After the hearing my attorney told me that he, the judge and the vocational expert could see that I was becoming more and more exhausted. My attorney said that helped my case and that it verified claims that I made that day and throughout the 2 years of statements to the Disability Office. He said that was good. But again he could not get a read on the judge either. I feel that I got a little bit from the judge that seemed to lean my way but who knows? I think the attorney doesn't really want to build up my hopes then have them deny me. He's a good attorney and I liked him a lot. I was so glad that I had retained his services.
So, between 2 and 3 months, I will get my answer. If it's a yes then it takes about 4 to 6 weeks to cut a check. (Even with my fatigue I think I could cut a check a lot faster than that. LOL)
So that's where it stands today. I'm sorry if I over-explained, I know it's a boring story - but I know that before my hearing I wished I knew someone else's experience in a hearing. If this is you, my advice is to try to relax and be as honest as you can. Honesty shines through and (in my opinion) the judge will know if you are B.S.'ing him or not. He's been down this road maybe 3 to 5 times a day for many years so he's probably heard it all before. So, if the fact is that you can not work, don't worry about it, life is a roll of the dice. But if you can't work that's what disability is really for so I am hopeful.

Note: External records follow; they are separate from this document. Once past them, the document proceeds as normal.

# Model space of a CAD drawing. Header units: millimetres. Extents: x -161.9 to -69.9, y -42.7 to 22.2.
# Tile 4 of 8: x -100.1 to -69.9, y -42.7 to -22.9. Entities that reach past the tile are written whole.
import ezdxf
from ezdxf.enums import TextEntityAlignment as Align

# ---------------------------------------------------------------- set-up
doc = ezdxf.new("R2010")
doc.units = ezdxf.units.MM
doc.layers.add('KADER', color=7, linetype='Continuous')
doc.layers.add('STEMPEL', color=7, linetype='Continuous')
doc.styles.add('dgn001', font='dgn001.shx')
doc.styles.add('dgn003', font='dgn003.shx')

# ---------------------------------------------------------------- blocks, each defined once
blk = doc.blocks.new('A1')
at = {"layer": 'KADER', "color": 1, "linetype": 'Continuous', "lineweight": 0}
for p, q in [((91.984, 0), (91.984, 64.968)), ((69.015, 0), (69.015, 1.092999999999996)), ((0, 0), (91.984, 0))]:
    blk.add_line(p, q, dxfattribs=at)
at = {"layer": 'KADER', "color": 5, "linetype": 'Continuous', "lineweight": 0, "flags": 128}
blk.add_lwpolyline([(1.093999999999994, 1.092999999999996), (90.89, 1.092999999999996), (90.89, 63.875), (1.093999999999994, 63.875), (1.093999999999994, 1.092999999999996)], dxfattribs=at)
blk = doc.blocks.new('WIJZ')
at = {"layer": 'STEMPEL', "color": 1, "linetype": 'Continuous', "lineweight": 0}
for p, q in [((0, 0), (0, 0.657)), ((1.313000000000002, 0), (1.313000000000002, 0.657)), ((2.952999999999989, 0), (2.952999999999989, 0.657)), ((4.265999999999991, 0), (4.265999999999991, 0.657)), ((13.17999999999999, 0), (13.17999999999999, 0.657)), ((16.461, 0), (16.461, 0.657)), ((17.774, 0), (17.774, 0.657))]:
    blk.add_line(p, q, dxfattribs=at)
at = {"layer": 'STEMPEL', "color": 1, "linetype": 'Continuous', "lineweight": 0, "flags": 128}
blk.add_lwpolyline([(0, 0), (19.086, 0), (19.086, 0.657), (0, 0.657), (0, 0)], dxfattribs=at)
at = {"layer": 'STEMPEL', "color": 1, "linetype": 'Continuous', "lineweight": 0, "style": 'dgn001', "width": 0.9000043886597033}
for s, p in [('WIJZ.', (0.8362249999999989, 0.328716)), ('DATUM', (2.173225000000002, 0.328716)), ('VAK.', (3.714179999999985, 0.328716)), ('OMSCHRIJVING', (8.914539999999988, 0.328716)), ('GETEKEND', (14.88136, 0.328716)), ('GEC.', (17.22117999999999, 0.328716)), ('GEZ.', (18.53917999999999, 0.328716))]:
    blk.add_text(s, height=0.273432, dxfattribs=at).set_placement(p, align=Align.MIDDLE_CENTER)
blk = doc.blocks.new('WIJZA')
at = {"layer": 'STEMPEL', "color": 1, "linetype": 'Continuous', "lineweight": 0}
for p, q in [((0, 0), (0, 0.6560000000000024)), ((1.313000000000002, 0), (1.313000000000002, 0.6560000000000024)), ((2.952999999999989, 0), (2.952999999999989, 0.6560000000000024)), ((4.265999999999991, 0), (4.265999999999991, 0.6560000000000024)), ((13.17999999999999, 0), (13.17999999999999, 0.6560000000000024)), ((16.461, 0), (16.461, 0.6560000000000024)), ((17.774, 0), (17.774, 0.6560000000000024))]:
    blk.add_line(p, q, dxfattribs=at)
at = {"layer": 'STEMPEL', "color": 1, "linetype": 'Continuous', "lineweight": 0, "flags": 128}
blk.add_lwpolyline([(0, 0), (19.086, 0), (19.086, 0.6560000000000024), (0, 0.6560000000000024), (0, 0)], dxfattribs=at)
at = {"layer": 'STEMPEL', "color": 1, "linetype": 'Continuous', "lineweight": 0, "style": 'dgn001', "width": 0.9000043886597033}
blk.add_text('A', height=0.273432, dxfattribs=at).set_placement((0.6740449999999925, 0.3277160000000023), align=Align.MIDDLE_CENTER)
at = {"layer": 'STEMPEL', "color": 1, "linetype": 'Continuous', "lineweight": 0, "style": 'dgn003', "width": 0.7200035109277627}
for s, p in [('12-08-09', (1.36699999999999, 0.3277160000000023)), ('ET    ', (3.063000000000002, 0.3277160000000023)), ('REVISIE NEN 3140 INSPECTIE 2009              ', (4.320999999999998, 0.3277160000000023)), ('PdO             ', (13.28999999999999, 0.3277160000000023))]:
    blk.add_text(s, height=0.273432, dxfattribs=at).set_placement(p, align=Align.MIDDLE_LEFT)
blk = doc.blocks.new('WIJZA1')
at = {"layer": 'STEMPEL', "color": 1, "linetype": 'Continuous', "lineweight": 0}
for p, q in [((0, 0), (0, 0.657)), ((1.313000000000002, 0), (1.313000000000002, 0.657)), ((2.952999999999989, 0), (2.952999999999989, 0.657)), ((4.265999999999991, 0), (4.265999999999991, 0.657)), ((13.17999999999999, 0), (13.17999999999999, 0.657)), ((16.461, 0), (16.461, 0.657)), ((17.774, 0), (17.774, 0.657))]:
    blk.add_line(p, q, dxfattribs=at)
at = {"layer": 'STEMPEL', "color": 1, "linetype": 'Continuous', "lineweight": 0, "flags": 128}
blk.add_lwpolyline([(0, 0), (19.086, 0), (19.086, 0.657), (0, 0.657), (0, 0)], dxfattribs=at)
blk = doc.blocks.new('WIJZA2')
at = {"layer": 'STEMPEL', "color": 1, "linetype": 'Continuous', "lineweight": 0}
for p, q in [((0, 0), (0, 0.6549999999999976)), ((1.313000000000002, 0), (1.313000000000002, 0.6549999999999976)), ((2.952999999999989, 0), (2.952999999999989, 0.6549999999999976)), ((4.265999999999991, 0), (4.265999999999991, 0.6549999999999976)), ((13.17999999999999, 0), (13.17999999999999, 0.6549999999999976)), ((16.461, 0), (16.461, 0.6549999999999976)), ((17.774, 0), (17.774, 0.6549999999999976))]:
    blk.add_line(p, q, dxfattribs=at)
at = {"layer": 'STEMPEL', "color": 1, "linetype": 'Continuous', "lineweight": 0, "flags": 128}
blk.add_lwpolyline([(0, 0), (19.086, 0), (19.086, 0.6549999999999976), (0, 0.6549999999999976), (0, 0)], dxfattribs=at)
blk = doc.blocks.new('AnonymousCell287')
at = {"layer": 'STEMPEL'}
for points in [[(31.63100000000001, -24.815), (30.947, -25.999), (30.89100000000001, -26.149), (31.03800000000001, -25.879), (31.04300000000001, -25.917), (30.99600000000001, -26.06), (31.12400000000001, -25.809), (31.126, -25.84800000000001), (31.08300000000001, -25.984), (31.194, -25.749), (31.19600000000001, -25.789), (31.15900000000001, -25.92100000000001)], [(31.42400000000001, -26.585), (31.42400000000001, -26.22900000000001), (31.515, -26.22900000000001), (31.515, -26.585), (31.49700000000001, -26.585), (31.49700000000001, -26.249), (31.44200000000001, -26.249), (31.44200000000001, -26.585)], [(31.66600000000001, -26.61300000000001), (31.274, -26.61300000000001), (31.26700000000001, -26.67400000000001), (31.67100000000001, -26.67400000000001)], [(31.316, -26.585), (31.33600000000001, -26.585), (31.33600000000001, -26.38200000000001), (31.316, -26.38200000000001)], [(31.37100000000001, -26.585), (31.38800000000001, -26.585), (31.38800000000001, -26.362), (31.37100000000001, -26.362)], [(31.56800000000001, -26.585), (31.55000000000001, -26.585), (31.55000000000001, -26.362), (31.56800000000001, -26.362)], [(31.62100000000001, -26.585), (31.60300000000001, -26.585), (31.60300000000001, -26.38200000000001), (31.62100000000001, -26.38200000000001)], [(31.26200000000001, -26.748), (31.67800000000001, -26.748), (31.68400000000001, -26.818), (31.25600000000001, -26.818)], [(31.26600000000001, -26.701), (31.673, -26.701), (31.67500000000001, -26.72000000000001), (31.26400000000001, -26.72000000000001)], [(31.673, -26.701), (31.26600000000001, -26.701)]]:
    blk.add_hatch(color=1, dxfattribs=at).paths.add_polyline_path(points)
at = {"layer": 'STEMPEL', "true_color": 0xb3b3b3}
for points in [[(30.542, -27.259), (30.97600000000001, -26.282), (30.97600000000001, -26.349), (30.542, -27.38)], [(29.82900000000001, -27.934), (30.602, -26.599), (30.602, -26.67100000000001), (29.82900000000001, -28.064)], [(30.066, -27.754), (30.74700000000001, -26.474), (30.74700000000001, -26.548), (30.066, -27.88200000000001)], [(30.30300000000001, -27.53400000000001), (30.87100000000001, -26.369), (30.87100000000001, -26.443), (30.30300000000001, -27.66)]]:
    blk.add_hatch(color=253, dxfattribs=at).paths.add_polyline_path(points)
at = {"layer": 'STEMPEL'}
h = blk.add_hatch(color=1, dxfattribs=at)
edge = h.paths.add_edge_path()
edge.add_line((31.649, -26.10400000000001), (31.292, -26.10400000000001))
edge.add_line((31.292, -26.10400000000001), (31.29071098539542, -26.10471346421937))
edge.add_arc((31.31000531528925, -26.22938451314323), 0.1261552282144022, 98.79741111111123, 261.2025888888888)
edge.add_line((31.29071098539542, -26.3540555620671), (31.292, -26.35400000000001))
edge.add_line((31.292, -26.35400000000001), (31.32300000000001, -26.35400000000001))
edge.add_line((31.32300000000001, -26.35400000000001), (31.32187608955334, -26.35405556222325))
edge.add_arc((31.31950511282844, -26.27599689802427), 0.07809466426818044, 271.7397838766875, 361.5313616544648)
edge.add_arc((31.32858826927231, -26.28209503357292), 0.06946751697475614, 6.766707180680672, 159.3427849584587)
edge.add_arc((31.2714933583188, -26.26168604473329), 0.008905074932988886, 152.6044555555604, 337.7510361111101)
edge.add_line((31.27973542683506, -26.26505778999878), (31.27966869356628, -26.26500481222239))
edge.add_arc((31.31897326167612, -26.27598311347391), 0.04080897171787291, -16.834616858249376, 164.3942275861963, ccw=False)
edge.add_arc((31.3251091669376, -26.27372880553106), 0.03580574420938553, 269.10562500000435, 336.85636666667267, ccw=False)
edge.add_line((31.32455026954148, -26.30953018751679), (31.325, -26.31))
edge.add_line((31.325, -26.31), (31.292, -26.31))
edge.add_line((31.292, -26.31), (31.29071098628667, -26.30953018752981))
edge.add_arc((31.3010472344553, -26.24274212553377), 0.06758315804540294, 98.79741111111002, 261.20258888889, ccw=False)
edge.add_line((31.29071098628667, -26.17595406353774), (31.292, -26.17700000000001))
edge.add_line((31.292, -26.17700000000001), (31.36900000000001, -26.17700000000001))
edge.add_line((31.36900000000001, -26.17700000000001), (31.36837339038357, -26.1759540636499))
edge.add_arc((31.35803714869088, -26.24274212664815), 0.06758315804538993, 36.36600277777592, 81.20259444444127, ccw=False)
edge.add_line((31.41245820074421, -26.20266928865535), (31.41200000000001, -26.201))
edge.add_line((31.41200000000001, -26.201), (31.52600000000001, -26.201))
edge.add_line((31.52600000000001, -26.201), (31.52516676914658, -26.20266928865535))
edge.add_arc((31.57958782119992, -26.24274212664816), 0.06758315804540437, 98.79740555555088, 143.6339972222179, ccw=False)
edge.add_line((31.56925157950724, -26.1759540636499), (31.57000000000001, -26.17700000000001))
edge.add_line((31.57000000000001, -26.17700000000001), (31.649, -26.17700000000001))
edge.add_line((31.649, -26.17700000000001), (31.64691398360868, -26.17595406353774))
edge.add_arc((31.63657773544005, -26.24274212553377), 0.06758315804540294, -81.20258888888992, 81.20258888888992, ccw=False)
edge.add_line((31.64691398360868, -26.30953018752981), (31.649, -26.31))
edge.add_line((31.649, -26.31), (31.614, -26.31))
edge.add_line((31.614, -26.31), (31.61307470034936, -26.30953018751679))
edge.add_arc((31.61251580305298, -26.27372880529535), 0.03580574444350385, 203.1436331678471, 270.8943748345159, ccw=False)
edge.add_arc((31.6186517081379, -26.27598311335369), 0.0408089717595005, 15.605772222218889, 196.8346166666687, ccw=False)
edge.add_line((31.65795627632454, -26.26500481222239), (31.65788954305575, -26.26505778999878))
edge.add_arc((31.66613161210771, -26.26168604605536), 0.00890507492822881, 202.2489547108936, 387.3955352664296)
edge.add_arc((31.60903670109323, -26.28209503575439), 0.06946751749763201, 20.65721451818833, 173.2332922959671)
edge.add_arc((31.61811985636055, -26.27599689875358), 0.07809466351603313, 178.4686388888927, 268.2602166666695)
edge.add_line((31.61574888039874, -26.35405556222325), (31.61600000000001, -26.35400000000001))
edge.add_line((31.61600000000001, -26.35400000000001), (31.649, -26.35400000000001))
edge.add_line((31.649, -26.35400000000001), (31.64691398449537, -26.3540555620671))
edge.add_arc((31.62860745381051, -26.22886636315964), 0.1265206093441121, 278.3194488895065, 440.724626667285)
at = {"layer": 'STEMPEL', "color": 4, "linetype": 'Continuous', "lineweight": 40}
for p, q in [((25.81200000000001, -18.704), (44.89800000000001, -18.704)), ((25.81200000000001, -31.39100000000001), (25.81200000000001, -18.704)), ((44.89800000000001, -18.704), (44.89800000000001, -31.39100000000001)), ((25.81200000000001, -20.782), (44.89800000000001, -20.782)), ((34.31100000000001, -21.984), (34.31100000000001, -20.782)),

So, good luck to all who waiting for a hearing, and everyone else; 'take a nap.' Seriously though, I hope that for all of us we find the ability to cope with this situation and that we have more (so called) good days than bad.
The following user gives a hug of support to zimzampow: akasweet (04-25-2013)
I am sooo sorry things are not going well for you....The reason way I say 'u don't need an attorney" is because all they are doing is getting you to fill out the paperwork that social security sends to you. This is what CAN BE DONE 1) GET ALL OF YOUR MEDICAL RECORDS...RELATING TO YOUR DISABILITY-Examples: Depression, Cannot think straight.) Once you have your records you will know what the Dr(s) are saying. 2) Fill out the paperwork with honest answers. don't try to sugar coat it. 3) Send paperwork back ASAP AND ALWAYS KEEP A COPY. I know this is very trying; but, hang in there. DON'T GIVE UP OR GIVE IN....JUST STAY THE COURSE. IT WILL GET BETTER!!!
Thanks for your comments, sweet is a good aka for you.
I think you may have misunderstood me. I didn't say that I lost at the hearing with the judge. I said if anything that I felt the judge was leaning my way and the fact that I became so visually fatigued during the hearing my attorney said that was good and supports my case. Actually, I think I probably won. It's just that most of these disability judges do not give an immediate decision. That's what comes in 2 - 3 months.
Anyways, as I said, I feel positive and I know that the sweet Lord will always provide for me.
God Bless you and everyone here searching for answers.